А вот другая картина. Развод, то есть вывод за зону на работу. Ворота лагеря открыты, за ними — автоматчики, резкие крики конвоя, собачий истошный лай. Низкое утреннее солнце равнодушно золотит окрестные горы, вышки, пар изо ртов строящихся бригад. Слева — наш оркестр: труба, тромбон, баян, барабан, скрипка, дирижером-скрипачом был высокий пожилой зэ-ка, эстонец в пенсне Римус.
— Становись! Стройсь! Взяться под руки! Музыка! Первая пятерка — вперед! Гав, гав! Вторая пятерка: Гав! гав! гав! Третья!.. Звучит марш, хрипло лают овчарки, быстро, почти бегом выходят пятерки, пятерки… Справа от ворот, чтобы все видели, — два очередных трупа, с густыми жжеными цепочками автоматных — в упор — дырок на груди, животе, лице; поверх — фанерный щиток, на котором мною (я уже работал художником в культурно-воспитательной части — КВЧ) написано: «Это будет с каждым, кто совершит попытку к побегу». А за воротами конвой громко выкрикивает навеки запомнившуюся формулу:
— Бригада, предупреждаю! При попытке к побегу, за невыполнение требований конвоя в пути следования и на объекте работы конвой применяет оружие! Шаг влево, шаг вправо считаются побегом! Следуй вперед!
Злобный лай приспущенных конвойных собак заглушает уже удаляющиеся издевательски-бравурные такты «Прощание славянки»…
Контрагентские — на объектах за зоной — бригады работали на медных шахтах, на известковом карьере, на торфоразработках. Наиболее крепкие зэ-ка выдерживали на глубоких горизонтах шахты, где жарко, сыро и воздух напоен медно-серно-мышьячной отравой, от силы несколько месяцев, попадая потом в «нулевку», а то и сразу в морг. Урки — воры и бандиты — откровенно и вызывающе темнили, отлынивая от работы, в чем им, как правило, столь же откровенно потворствовал конвой. Другое дело с остальными!
Развод контрагентских бригад на объекты работ. Карабаш, 1950.
Наглядная агитация у вахты (табличка — моей работы). Карабаш, 1949.
— Вот ты, а ну сбегай за доской!
— Начальник, ведь застрелишь…
— Что, еще повторять?! — и бедняга, наверняка чуя, что это — смерть, шел на нее почти с радостью.

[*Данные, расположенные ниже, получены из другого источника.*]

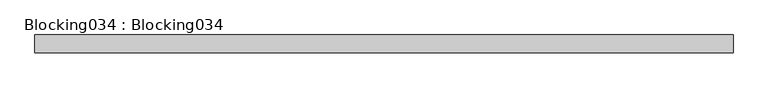
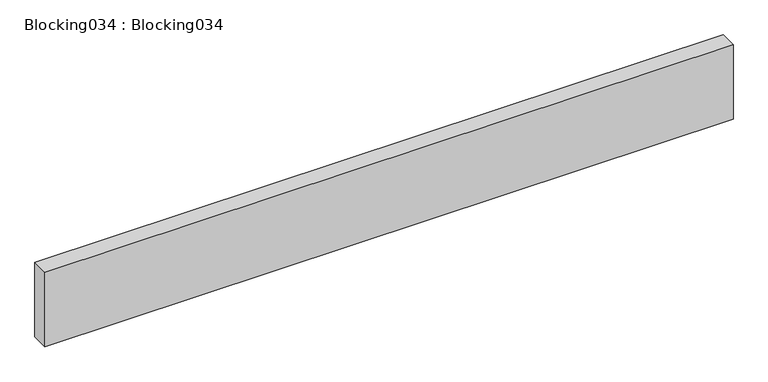
"""IFC4 building model written with IfcOpenShell, lengths in millimetres: proxy geometry, Blocking034 : Blocking034."""

from ifc_helpers import new_model, si_unit, frame, origin, place, context, project, spatial, polyline, outline, extrude, source, transform, mapped, element, save


def blocking034_blocking034_6565a4e6(model_context):
    return source(origin(), model_context, "Body", "SweptSolid", [
        extrude(outline(polyline([(3694.2883192, 9646.2484232), (3694.2883192, 9697.0484232), (5694.2883192, 9697.0484232), (5694.2883192, 9646.2484232), (3694.2883192, 9646.2484232)])), frame((0.0, 0.0, 39528.496), z_axis=(0.0, 0.0, 1.0), x_axis=(1.0, 0.0, 0.0)), (0.0, 0.0, 1.0), 228.6),
    ])


if __name__ == "__main__":
    model = new_model("IFC4")
    model_context = context("Model", 3, world=origin())
    ifc_project = project(units=[si_unit("LENGTHUNIT", "METRE", prefix="MILLI")], contexts=[model_context])
    site = spatial("IfcSite", under=ifc_project)
    building = spatial("IfcBuilding", under=site)
    placement = place(None, origin())
    blocking034_blocking034_shape = blocking034_blocking034_6565a4e6(model_context)
    element("IfcBuildingElementProxy", 1, Name="Blocking034 : Blocking034", ObjectType="Blocking034 : Blocking034", at=placement, inside=building, context=model_context, shape_type="MappedRepresentation", body=[
        mapped(blocking034_blocking034_shape, transform((0.0, 0.0, 0.0), x_axis=(1.0, 0.0, 0.0), y_axis=(0.0, 1.0, 0.0), z_axis=(0.0, 0.0, 1.0))),
    ])
    save(model, "model.ifc")

# Revit data of these elements
# Type "Blocking034 : Blocking034"
#   NameOverride = "Blocking034"
# Element 1 (IfcBuildingElementProxy, "Blocking034 : Blocking034")
#   Materials on its faces: "WOOD BLOCKING AS REQUIRED"
# Materials
#   "WOOD BLOCKING AS REQUIRED": class "Unassigned", colour RGB 166 124 85, transparency 0, Cost = 0
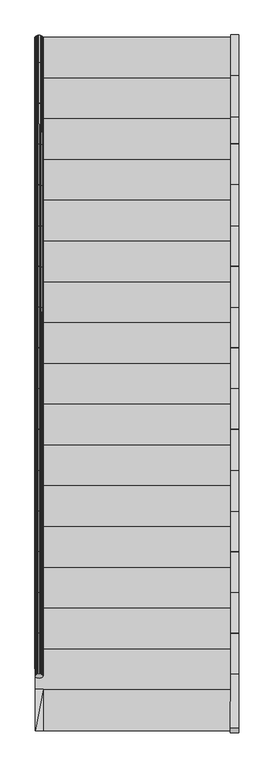
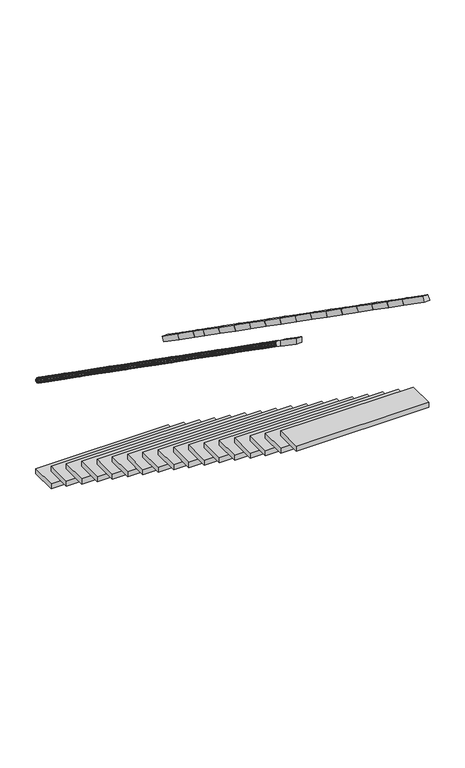
"""IFC4 building model written with IfcOpenShell, lengths in millimetres: stair geometry, 0_3d."""

from ifc_helpers import new_model, si_unit, frame, origin, origin_with_axes, place, context, project, spatial, polyline, outline, extrude, faceted_brep, source, transform, mapped, element, save


def stair_8f8480cc(model_context):
    return source(origin(), model_context, "Body", "SolidModel", [
        extrude(outline(polyline([(8.0820225, -49.3424859), (0.0, 0.0), (301.246492, 49.3424859), (309.3285145, 0.0), (8.0820225, -49.3424859)])), frame((1249.6426286, 1832.7635324, 2592.2240094), z_axis=(8.41828831730923e-05, 0.5732803643846047, 0.8193592720683017), x_axis=(-0.16175918326000965, -0.8085607216158117, 0.5657415718251334)), (0.0, 0.0, 1.0), 50.0),
        extrude(outline(polyline([(1249.9265282, 3766.1029394), (1249.8897991, 3515.9797843), (0.1101896, 3516.5348933), (0.0734597, 3766.4117944), (1249.9265282, 3766.1029394)])), frame((0.0, 0.0, 350.0), z_axis=(0.0, 0.0, 1.0), x_axis=(1.0, 0.0, 0.0)), (0.0, 0.0, 1.0), 50.0),
        faceted_brep([(1.5427287, 2095.0138491, 2432.7450302), (0.3185352, 2099.1390121, 2438.6355957), (1.5415159, 2103.2645348, 2444.5261612), (5.0919569, 2106.9865824, 2449.8401171), (10.6223163, 2109.9408148, 2454.0572963), (17.5912439, 2111.8380512, 2456.7648921), (25.3165726, 2112.4925769, 2457.697866), (33.0420935, 2111.8403223, 2456.7648921), (40.0115786, 2109.9451348, 2454.0572963), (45.5428062, 2106.9925283, 2449.8401171), (49.0943412, 2103.2715247, 2444.5261612), (50.3185347, 2099.1463617, 2438.6355957), (49.095554, 2095.0208389, 2432.7450302), (45.545113, 2091.2987914, 2427.4310744), (40.0147537, 2088.344559, 2423.2138951), (33.045826, 2086.4473226, 2420.5062993), (25.3204973, 2085.7927969, 2419.5733254), (17.5949765, 2086.4450514, 2420.5062993), (10.6254914, 2088.340239, 2423.2138951), (5.0942637, 2091.2928454, 2427.4310744), (0.3552659, 1849.2569855, 2613.6356001), (1.5782465, 1853.3825079, 2619.5261658), (5.1286875, 1857.1045552, 2624.8401219), (10.6590469, 1860.0587874, 2629.0573013), (17.6279745, 1861.9560236, 2631.7648972), (25.3533033, 1862.6105493, 2632.6978712), (33.0788241, 1861.9582948, 2631.7648972), (40.0483092, 1860.0631074, 2629.0573013), (45.5795368, 1857.1105012, 2624.8401219), (49.1310718, 1853.3894978, 2619.5261658), (50.3552653, 1849.2643351, 2613.6356001), (49.1322846, 1845.1388127, 2607.7450345), (45.5818436, 1841.4167654, 2602.4310784), (40.0514843, 1838.4625333, 2598.213899), (33.0825566, 1836.565297, 2595.5063031), (25.3572279, 1835.9107713, 2594.5733291), (17.6317071, 1836.5630258, 2595.5063031), (10.662222, 1838.4582133, 2598.213899), (5.1309944, 1841.4108195, 2602.4310784), (1.5794593, 1845.1318228, 2607.7450345)], [[[0, 1, 2, 3, 4, 5, 6, 7, 8, 9, 10, 11, 12, 13, 14, 15, 16, 17, 18, 19]], [[2, 1, 20, 21]], [[3, 2, 21, 22]], [[4, 3, 22, 23]], [[5, 4, 23, 24]], [[6, 5, 24, 25]], [[7, 6, 25, 26]], [[8, 7, 26, 27]], [[9, 8, 27, 28]], [[10, 9, 28, 29]], [[11, 10, 29, 30]], [[12, 11, 30, 31]], [[13, 12, 31, 32]], [[14, 13, 32, 33]], [[15, 14, 33, 34]], [[16, 15, 34, 35]], [[17, 16, 35, 36]], [[18, 17, 36, 37]], [[19, 18, 37, 38]], [[0, 19, 38, 39]], [[1, 0, 39, 20]], [[21, 20, 39, 38, 37, 36, 35, 34, 33, 32, 31, 30, 29, 28, 27, 26, 25, 24, 23, 22]]]),
        extrude(outline(polyline([(1249.5959661, 1514.9945425), (1249.5592369, 1264.8713869), (0.4407586, 1267.6414831), (0.4040287, 1517.5186441), (1249.5959661, 1514.9945425)])), frame((0.0, 0.0, 1925.0), z_axis=(0.0, 0.0, 1.0), x_axis=(1.0, 0.0, 0.0)), (0.0, 0.0, 1.0), 50.0),
        extrude(outline(polyline([(1249.7061535, 2265.3640086), (1249.6694243, 2015.2408533), (0.3305689, 2017.2728797), (0.293839, 2267.1499541), (1249.7061535, 2265.3640086)])), frame((0.0, 0.0, 1400.0), z_axis=(0.0, 0.0, 1.0), x_axis=(1.0, 0.0, 0.0)), (0.0, 0.0, 1.0), 50.0),
        extrude(outline(polyline([(1249.6694243, 2015.2408533), (1249.6326952, 1765.1176979), (0.3672988, 1767.3957763), (0.3305689, 2017.2728797), (1249.6694243, 2015.2408533)])), frame((0.0, 0.0, 1575.0), z_axis=(0.0, 0.0, 1.0), x_axis=(1.0, 0.0, 0.0)), (0.0, 0.0, 1.0), 50.0),
        faceted_brep([(1.5794593, 1845.1318228, 2607.7450345), (0.3552659, 1849.2569855, 2613.6356001), (1.5782465, 1853.3825079, 2619.5261658), (5.1286875, 1857.1045552, 2624.8401219), (10.6590469, 1860.0587874, 2629.0573013), (17.6279745, 1861.9560236, 2631.7648972), (25.3533033, 1862.6105493, 2632.6978712), (33.0788241, 1861.9582948, 2631.7648972), (40.0483092, 1860.0631074, 2629.0573013), (45.5795368, 1857.1105012, 2624.8401219), (49.1310718, 1853.3894978, 2619.5261658), (50.3552653, 1849.2643351, 2613.6356001), (49.1322846, 1845.1388127, 2607.7450345), (45.5818436, 1841.4167654, 2602.4310784), (40.0514843, 1838.4625333, 2598.213899), (33.0825566, 1836.565297, 2595.5063031), (25.3572279, 1835.9107713, 2594.5733291), (17.6317071, 1836.5630258, 2595.5063031), (10.662222, 1838.4582133, 2598.213899), (5.1309944, 1841.4108195, 2602.4310784), (0.3919965, 1599.3749301, 2788.6356046), (1.6149772, 1603.5004522, 2794.5261705), (5.1654181, 1607.2224992, 2799.8401268), (10.6957775, 1610.1767311, 2804.0573064), (17.6647052, 1612.0739672, 2806.7649023), (25.3900339, 1612.7284928, 2807.6978763), (33.1155547, 1612.0762384, 2806.7649023), (40.0850398, 1610.1810511, 2804.0573064), (45.6162674, 1607.2284451, 2799.8401268), (49.1678025, 1603.5074421, 2794.5261705), (50.3919959, 1599.3822797, 2788.6356046), (49.1690153, 1595.2567576, 2782.7450387), (45.6185743, 1591.5347106, 2777.4310824), (40.0882149, 1588.5804787, 2773.2139028), (33.1192873, 1586.6832425, 2770.5063068), (25.3939585, 1586.0287169, 2769.5733329), (17.6684377, 1586.6809714, 2770.5063068), (10.6989526, 1588.5761587, 2773.2139028), (5.167725, 1591.5287647, 2777.4310824), (1.6161899, 1595.2497677, 2782.7450387)], [[[0, 1, 2, 3, 4, 5, 6, 7, 8, 9, 10, 11, 12, 13, 14, 15, 16, 17, 18, 19]], [[2, 1, 20, 21]], [[3, 2, 21, 22]], [[4, 3, 22, 23]], [[5, 4, 23, 24]], [[6, 5, 24, 25]], [[7, 6, 25, 26]], [[8, 7, 26, 27]], [[9, 8, 27, 28]], [[10, 9, 28, 29]], [[11, 10, 29, 30]], [[12, 11, 30, 31]], [[13, 12, 31, 32]], [[14, 13, 32, 33]], [[15, 14, 33, 34]], [[16, 15, 34, 35]], [[17, 16, 35, 36]], [[18, 17, 36, 37]], [[19, 18, 37, 38]], [[0, 19, 38, 39]], [[1, 0, 39, 20]], [[21, 20, 39, 38, 37, 36, 35, 34, 33, 32, 31, 30, 29, 28, 27, 26, 25, 24, 23, 22]]]),
        faceted_brep([(1.3223451, 3594.3053999, 1382.7450049), (0.0981516, 3598.4305649, 1388.635569), (1.3211323, 3602.5560896, 1394.5261331), (4.8715733, 3606.2781388, 1399.8400878), (10.4019326, 3609.2323726, 1404.0572661), (17.3708603, 3611.1296099, 1406.7648612), (25.096189, 3611.7841359, 1407.6978349), (32.8217098, 3611.1318811, 1406.7648612), (39.7911949, 3609.2366926, 1404.0572661), (45.3224225, 3606.2840848, 1399.8400878), (48.8739576, 3602.5630794, 1394.5261331), (50.0981511, 3598.4379145, 1388.635569), (48.8751704, 3594.3123898, 1382.7450049), (45.3247294, 3590.5903405, 1377.4310502), (39.79437, 3587.6361067, 1373.2138719), (32.8254424, 3585.7388695, 1370.5062768), (25.1001137, 3585.0843435, 1369.5733031), (17.3745928, 3585.7365983, 1370.5062768), (10.4051077, 3587.6317868, 1373.2138719), (4.8738801, 3590.5843946, 1377.4310502), (0.1348822, 3348.5487117, 1563.6355734), (1.3578629, 3352.674236, 1569.5261378), (4.9083039, 3356.396285, 1574.8400927), (10.4386632, 3359.3505186, 1579.0572711), (17.4075909, 3361.2477557, 1581.7648664), (25.1329196, 3361.9022817, 1582.6978401), (32.8584404, 3361.2500269, 1581.7648664), (39.8279255, 3359.3548385, 1579.0572711), (45.3591531, 3356.402231, 1574.8400927), (48.9106882, 3352.6812259, 1569.5261378), (50.1348816, 3348.5560613, 1563.6355734), (48.911901, 3344.4305369, 1557.7450091), (45.36146, 3340.7084879, 1552.4310542), (39.8311006, 3337.7542544, 1548.2138758), (32.862173, 3335.8570172, 1545.5062805), (25.1368442, 3335.2024913, 1544.5733068), (17.4113234, 3335.8547461, 1545.5062805), (10.4418383, 3337.7499344, 1548.2138758), (4.9106107, 3340.702542, 1552.4310542), (1.3590757, 3344.423547, 1557.7450091)], [[[0, 1, 2, 3, 4, 5, 6, 7, 8, 9, 10, 11, 12, 13, 14, 15, 16, 17, 18, 19]], [[2, 1, 20, 21]], [[3, 2, 21, 22]], [[4, 3, 22, 23]], [[5, 4, 23, 24]], [[6, 5, 24, 25]], [[7, 6, 25, 26]], [[8, 7, 26, 27]], [[9, 8, 27, 28]], [[10, 9, 28, 29]], [[11, 10, 29, 30]], [[12, 11, 30, 31]], [[13, 12, 31, 32]], [[14, 13, 32, 33]], [[15, 14, 33, 34]], [[16, 15, 34, 35]], [[17, 16, 35, 36]], [[18, 17, 36, 37]], [[19, 18, 37, 38]], [[0, 19, 38, 39]], [[1, 0, 39, 20]], [[21, 20, 39, 38, 37, 36, 35, 34, 33, 32, 31, 30, 29, 28, 27, 26, 25, 24, 23, 22]]]),
        faceted_brep([(1.4692675, 2594.7778149, 2082.7450218), (0.245074, 2598.9029786, 2088.6355868), (1.4680547, 2603.028502, 2094.5261518), (5.0184957, 2606.7505501, 2099.8401073), (10.548855, 2609.704783, 2104.0572862), (17.5177827, 2611.6020197, 2106.7648818), (25.2431114, 2612.2565455, 2107.6978556), (32.9686322, 2611.6042908, 2106.7648818), (39.9381173, 2609.709103, 2104.0572862), (45.4693449, 2606.7564961, 2099.8401073), (49.02088, 2603.0354919, 2094.5261518), (50.2450735, 2598.9103282, 2088.6355868), (49.0220928, 2594.7848048, 2082.7450218), (45.4716518, 2591.0627567, 2077.4310663), (39.9412924, 2588.1085238, 2073.2138874), (32.9723648, 2586.2112871, 2070.5062918), (25.2470361, 2585.5567613, 2069.573318), (17.5215152, 2586.209016, 2070.5062918), (10.5520301, 2588.1042038, 2073.2138874), (5.0208025, 2591.0568107, 2077.4310663), (0.2818046, 2349.0210098, 2263.6355913), (1.5047853, 2353.1465328, 2269.5261565), (5.0552263, 2356.8685807, 2274.8401122), (10.5855856, 2359.8228133, 2279.0572913), (17.5545133, 2361.7200499, 2281.7648869), (25.279842, 2362.3745756, 2282.6978608), (33.0053628, 2361.722321, 2281.7648869), (39.9748479, 2359.8271333, 2279.0572913), (45.5060756, 2356.8745266, 2274.8401122), (49.0576106, 2353.1535227, 2269.5261565), (50.2818041, 2349.0283594, 2263.6355913), (49.0588234, 2344.9028363, 2257.745026), (45.5083824, 2341.1807885, 2252.4310703), (39.978023, 2338.2265558, 2248.2138912), (33.0090954, 2336.3293193, 2245.5062956), (25.2837667, 2335.6747935, 2244.5733217), (17.5582459, 2336.3270481, 2245.5062956), (10.5887608, 2338.2222359, 2248.2138912), (5.0575331, 2341.1748425, 2252.4310703), (1.5059981, 2344.8958464, 2257.745026)], [[[0, 1, 2, 3, 4, 5, 6, 7, 8, 9, 10, 11, 12, 13, 14, 15, 16, 17, 18, 19]], [[2, 1, 20, 21]], [[3, 2, 21, 22]], [[4, 3, 22, 23]], [[5, 4, 23, 24]], [[6, 5, 24, 25]], [[7, 6, 25, 26]], [[8, 7, 26, 27]], [[9, 8, 27, 28]], [[10, 9, 28, 29]], [[11, 10, 29, 30]], [[12, 11, 30, 31]], [[13, 12, 31, 32]], [[14, 13, 32, 33]], [[15, 14, 33, 34]], [[16, 15, 34, 35]], [[17, 16, 35, 36]], [[18, 17, 36, 37]], [[19, 18, 37, 38]], [[0, 19, 38, 39]], [[1, 0, 39, 20]], [[21, 20, 39, 38, 37, 36, 35, 34, 33, 32, 31, 30, 29, 28, 27, 26, 25, 24, 23, 22]]]),
        extrude(outline(polyline([(1249.7796117, 2765.610319), (1249.7428826, 2515.4871638), (0.2571091, 2517.0269998), (0.2203792, 2766.9040165), (1249.7796117, 2765.610319)])), frame((0.0, 0.0, 1050.0), z_axis=(0.0, 0.0, 1.0), x_axis=(1.0, 0.0, 0.0)), (0.0, 0.0, 1.0), 50.0),
        extrude(outline(polyline([(1249.8897991, 3515.9797843), (1249.85307, 3265.8566293), (0.1469195, 3266.6579632), (0.1101896, 3516.5348933), (1249.8897991, 3515.9797843)])), frame((0.0, 0.0, 525.0), z_axis=(0.0, 0.0, 1.0), x_axis=(1.0, 0.0, 0.0)), (0.0, 0.0, 1.0), 50.0),
        extrude(outline(polyline([(8.0820225, -49.3424858), (0.0, 0.0), (301.2464918, 49.3424859), (309.3285142, 1e-07), (8.0820225, -49.3424858)])), frame((1249.862999, 3333.4729058, 1542.2240093), z_axis=(8.418288315989453e-05, 0.5732803648726768, 0.8193592717268128), x_axis=(-0.1617591834003618, -0.8085607212599576, 0.5657415722935918)), (0.0, 0.0, 1.0), 50.0),
        extrude(outline(polyline([(8.0820225, -49.3424859), (0.0, 0.0), (301.2464924, 49.3424859), (309.3285148, 0.0), (8.0820225, -49.3424859)])), frame((1249.495715, 832.2906153, 3292.2240094), z_axis=(8.418288310454991e-05, 0.5732803637766174, 0.8193592724936917), x_axis=(-0.16175918308892365, -0.8085607220586004, 0.565741571241215)), (0.0, 0.0, 1.0), 50.0),
        faceted_brep([(0.6244082, 14.2556075, 3867.0), (0.5876783, 268.1325506, 3692.0), (50.5877009, 267.9822577, 3692.0), (50.6244323, 14.2555335, 3867.0), (50.5877009, 267.9822577, 3750.0), (0.5876783, 268.1325506, 3750.0), (0.6244082, 14.2556075, 3925.0), (50.6244323, 14.2555335, 3925.0)], [[[0, 1, 2]], [[3, 0, 2]], [[4, 5, 6]], [[7, 4, 6]], [[4, 2, 1, 5]], [[5, 1, 0, 6]], [[6, 0, 3, 7]], [[7, 3, 2, 4]]]),
        faceted_brep([(1.6896512, 1095.4855709, 3132.7450471), (0.4654577, 1099.6107327, 3138.6356135), (1.6884384, 1103.7362542, 3144.5261798), (5.2388794, 1107.4583006, 3149.8401365), (10.7692388, 1110.4125321, 3154.0573164), (17.7381664, 1112.3097679, 3156.7649126), (25.4634951, 1112.9642934, 3157.6978867), (33.189016, 1112.312039, 3156.7649126), (40.1585011, 1110.416852, 3154.0573164), (45.6897287, 1107.4642465, 3149.8401365), (49.2412637, 1103.743244, 3144.5261798), (50.4654572, 1099.6180823, 3138.6356135), (49.2424765, 1095.4925608, 3132.7450471), (45.6920355, 1091.7705144, 3127.4310904), (40.1616762, 1088.8162829, 3123.2139105), (33.1927485, 1086.9190471, 3120.5063144), (25.4674198, 1086.2645216, 3119.5733403), (17.741899, 1086.916776, 3120.5063144), (10.7724139, 1088.811963, 3123.2139105), (5.2411863, 1091.7645685, 3127.4310904), (0.5021884, 849.7285907, 3313.6356179), (1.7251691, 853.8541119, 3319.5261845), (5.27561, 857.576158, 3324.8401414), (10.8059694, 860.5303893, 3329.0573215), (17.7748971, 862.4276249, 3331.7649177), (25.5002258, 863.0821504, 3332.6978918), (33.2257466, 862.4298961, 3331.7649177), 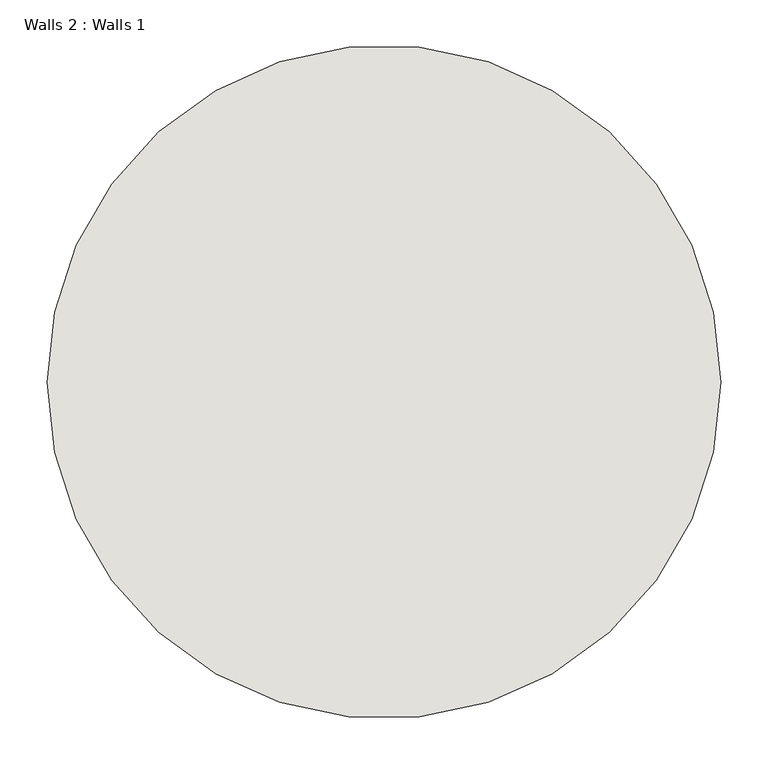
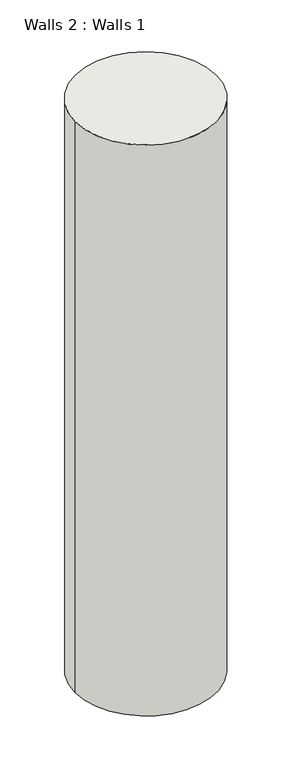
"""IFC4 building model written with IfcOpenShell, lengths in millimetres: wall geometry, Walls 2 : Walls 1."""

from ifc_helpers import new_model, si_unit, point, frame_2d, origin, origin_with_axes, place, context, project, spatial, circle_curve, trimmed, segment, composite_curve, outline, extrude, source, transform, mapped, element, save


def walls_2_walls_1_b6aa7c28(model_context):
    return source(origin(), model_context, "Body", "SweptSolid", [
        extrude(outline(composite_curve([segment(trimmed(circle_curve(frame_2d((49720.5, 33362.0236192)), 355.6), [point((49364.9, 33362.0236192))], [point((50076.1, 33362.0236192))], False, "CARTESIAN"), True, "CONTINUOUS"), segment(trimmed(circle_curve(frame_2d((49720.5, 33362.0236192)), 355.6), [point((50076.1, 33362.0236192))], [point((49364.9, 33362.0236192))], False, "CARTESIAN"), True, "CONTINUOUS")], self_intersect=False)), origin_with_axes(), (0.0, 0.0, 1.0), 3048.0),
    ])


if __name__ == "__main__":
    model = new_model("IFC4")
    model_context = context("Model", 3, world=origin())
    ifc_project = project(units=[si_unit("LENGTHUNIT", "METRE", prefix="MILLI")], contexts=[model_context])
    site = spatial("IfcSite", under=ifc_project)
    building = spatial("IfcBuilding", under=site)
    placement = place(None, origin())
    walls_2_walls_1_shape = walls_2_walls_1_b6aa7c28(model_context)
    element("IfcWall", 1, ObjectType="Walls 2 : Walls 1", at=placement, inside=building, context=model_context, shape_type="MappedRepresentation", body=[
        mapped(walls_2_walls_1_shape, transform((0.0, 0.0, 0.0), x_axis=(1.0, 0.0, 0.0), y_axis=(0.0, 1.0, 0.0), z_axis=(0.0, 0.0, 1.0))),
    ])
    save(model, "model.ifc")

# Revit data of these elements
# Element 1 (IfcWall, "Walls 2 : Walls 1")
#   Materials on its faces: "Default Wall"
# Materials
#   "Default Wall": class "Miscellaneous", colour RGB 255 255 255, transparency 0, Cost = 0

Вдруг команда конвоя: — Бригада, ложись! — и длинная над головами очередь с острым запахом пороха, а тому, кто за доской, — в спину, голову, грудь, а потом сапогами, стволом, прикладом, собаками… Не думаю, что только садизм был стимулом расстрелов «бежавших», говорили, что за каждого убитого конвой получал от государства деньги. Очень бы надо установить сейчас, каком из стимулов тогда на самом деле действовал.
С 1948 года нас уже не кидали в шахты, а зарывали в землю. Есть и мои скромный вклад в эту горестную процедуру. Я писал по две фанерных бирки для мертвых: буква и двух-трехзначное число, одна бирка побольше — на колышек поверх могильника, другая, с дыркой, маленькая — зачем-то привязывалась к ноге трупа шпагатом.
В каждой секции барака висели «Обязанности и права заключенных» — страшный документ за подписью министра внутренних дел СССР Л. П. Берии. Сохранился ли у кого экземпляр этой зловещей бумаги? А мне начальник КВЧ регулярно вручал очередной ГУЛАГовский набор предупреждении, назиданий, призывов, которые я писал крупно железным суриком на всех четырех стенах над верхними нарами каждой секции. «Только честным трудом завоюешь право на досрочное освобождение» — это было еще одно глумление, так как зачетов (когда, скажем, за полтора года лагерей засчитывалось два, как, например, на Колыме уголовникам с не очень большими сроками) в наших уральских лагерях не было вовсе.